Start of DATA EXCERPTS
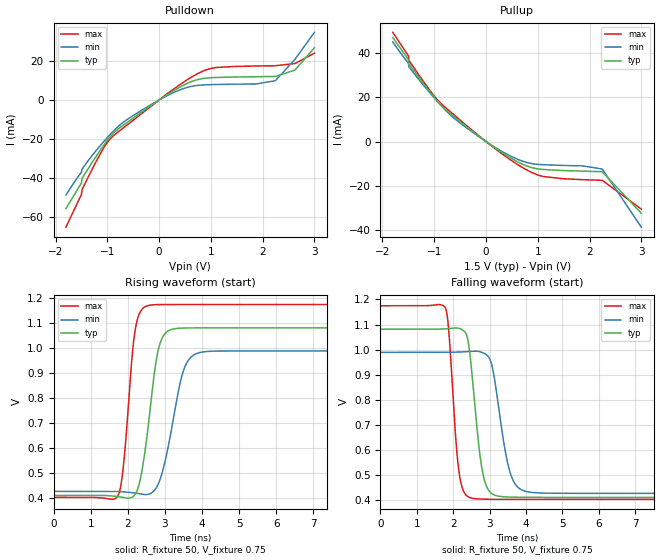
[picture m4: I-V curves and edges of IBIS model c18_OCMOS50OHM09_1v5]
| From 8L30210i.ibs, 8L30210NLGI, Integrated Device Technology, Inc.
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| 3.25758e+00   -6.92224e-03   -1.23527e+00   -1.07149e-03
| 3.33333e+00   -4.29506e-02   -2.23637e+00   -4.11997e-03
| 3.40909e+00   -5.86135e-01   -3.23815e+00   -1.02974e-02
| 3.48485e+00   -1.79017e+00   -4.24043e+00   -2.01278e-02
| 3.56061e+00   -2.99495e+00   -5.24309e+00   -7.87092e-02
| 3.63636e+00   -4.20024e+00   -6.24602e+00   -1.11369e+00
| 3.71212e+00   -5.40590e+00   -7.24916e+00   -2.65555e+00
| 3.78788e+00   -6.61182e+00   -8.25246e+00   -4.19783e+00
| 3.86364e+00   -7.81792e+00   -9.25587e+00   -5.74035e+00
| 3.93939e+00   -9.02412e+00   -1.02594e+01   -7.28299e+00
| 4.01515e+00   -1.02304e+01   -1.12629e+01   -8.82567e+00
| 4.09091e+00   -1.14366e+01   -1.22664e+01   -1.03683e+01
| 4.16667e+00   -1.26429e+01   -1.32700e+01   -1.19109e+01
| 4.24242e+00   -1.38491e+01   -1.42735e+01   -1.34534e+01
| 4.31818e+00   -1.50552e+01   -1.52769e+01   -1.49957e+01
| 4.39394e+00   -1.62613e+01   -1.62803e+01   -1.65379e+01
| 4.46970e+00   -1.74672e+01   -1.72837e+01   -1.80799e+01
| 4.54545e+00   -1.86730e+01   -1.82870e+01   -1.96217e+01
| 4.62121e+00   -1.98787e+01   -1.92902e+01   -2.11633e+01
| 4.69697e+00   -2.10843e+01   -2.02933e+01   -2.27047e+01
| 4.77273e+00   -2.22897e+01   -2.12963e+01   -2.42459e+01
| 4.84848e+00   -2.34950e+01   -2.22993e+01   -2.57868e+01
| 4.92424e+00   -2.47001e+01   -2.33021e+01   -2.73276e+01
| 5.00000e+00   -2.59051e+01   -2.43049e+01   -2.88681e+01
[Model] c18_OCMOS50OHM09_1v5
Model_type   Output
Polarity   Non-Inverting
|   typ   min   max
C_comp   2pF   1.5pF   2.5pF
Vmeas = .75
Rref = 50
Cref = 0
Vref = .75
|   typ   min   max
[Voltage range]   1.5V   1.4V   1.6V
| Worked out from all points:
|   slope of the pulldown table from 0 to 0.225 V, typ, clamps not added: 57.6 ohm
|   slope of the pullup table from 0 to 0.225 V, typ, clamps not added: 60.7 ohm
|   rising waveform, R_fixture 50, V_fixture 0.75: 20-80 % time 340ps typ, 442ps min, 249ps max; typ from 0.411 V to 1.08 V
|   falling waveform, R_fixture 50, V_fixture 0.75: 20-80 % time 282ps typ, 367ps min, 216ps max; typ from 1.08 V to 0.411 V
[Pulldown]
|Voltage   I (typ)   I (min)   I (max)
-1.8V     -55.9mA    -48.94mA   -65.46mA
-1.5V     -42.72mA   -37.09mA   -48.61mA
-1.49V    -40.39mA   -35.66mA   -46.16mA
-1.46V    -39.13mA   -34.53mA   -44.55mA
-983.9mV  -20.19mA   -18.82mA   -21.25mA
-596.9mV  -11.15mA   -9.665mA   -12.41mA
355.7mV   5.967mA    4.71mA     7.053mA
683.2mV   10.01mA    7.301mA    12.66mA
1.011V    11.47mA    7.909mA    16.3mA
2.244V    12.1mA     9.921mA    17.62mA
2.622V    15.39mA    20.88mA    18.75mA
3V        26.87mA    34.82mA    24.1mA
[Pullup]
|Voltage   I (typ)   I (min)   I (max)
-1.8V     46.88mA    44.9mA     49.25mA
-1.5V     37.02mA    35.28mA    38.64mA
-1.49V    35.08mA    33.75mA    36.58mA
-924.4mV  17.94mA    17.66mA    18.44mA
-686.2mV  12.56mA    11.93mA    13.37mA
-477.8mV  8.614mA    7.966mA    9.22mA
385.5mV   -6.144mA   -5.463mA   -6.836mA
772.5mV   -10.87mA   -9.341mA   -12.62mA
1.1V      -12.58mA   -10.44mA   -15.72mA
1.866V    -13.36mA   -10.98mA   -17.19mA
2.244V    -13.6mA    -12.37mA   -17.48mA
3V        -32.35mA   -38.61mA   -30.46mA
[Ramp]
|   typ   min   max
dV/dt_r   0.408/0.347n   0.344/0.454n   0.467/0.252n
dV/dt_f   0.405/0.283n   0.339/0.369n   0.465/0.217n
R_load =   50.0000
[Rising Waveform]
R_fixture = 50
V_fixture = 0.75   |Vcc_typ
V_fixture_min = 0.70 |Vcc_min
V_fixture_max = 0.80 |Vcc_max
C_fixture = 0.0p
| Time   typ   min   max
0s        411.1mV    427.1mV    403.3mV
1.74ns    406.3mV    426.5mV    412.3mV
1.892ns   402.4mV    425mV      544.2mV
2.178ns   411.7mV    421mV      1.052V
2.463ns   587.4mV    414.3mV    1.165V
2.739ns   925.8mV    435.2mV    1.174V
2.9ns     1.032V     488.9mV    1.174V
3.452ns   1.08V      887.3mV    1.175V
3.794ns   1.081V     974.3mV    1.175V
9.49ns    1.081V     989mV      1.175V
[Falling Waveform]
R_fixture = 50
V_fixture = 0.75   |Vcc_typ
V_fixture_min = 0.70  |Vcc_min
V_fixture_max = 0.80  |Vcc_max
C_fixture = 0.0p
| Time   typ   min   max
0s        1.081V     989mV      1.175V
1.788ns   1.083V     988.9mV    1.165V
1.883ns   1.084V     989.1mV    1.068V
2.14ns    1.085V     990.1mV    536mV
2.415ns   1.029V     992.2mV    413.2mV
2.777ns   537.7mV    989.8mV    404.2mV
3.081ns   424.2mV    926.6mV    403.5mV
3.509ns   412.4mV    540.3mV    403.3mV
3.87ns    411.3mV    441.9mV    403.3mV
9.49ns    411.1mV    427.1mV    403.3mV
End of DATA EXCERPTS
## [TASK TO COMPLETE]
Your answer should consist of the lines above that hold the word "clamps".

## [EXERCISE SOLUTION]
|   slope of the pulldown table from 0 to 0.225 V, typ, clamps not added: 57.6 ohm
|   slope of the pullup table from 0 to 0.225 V, typ, clamps not added: 60.7 ohm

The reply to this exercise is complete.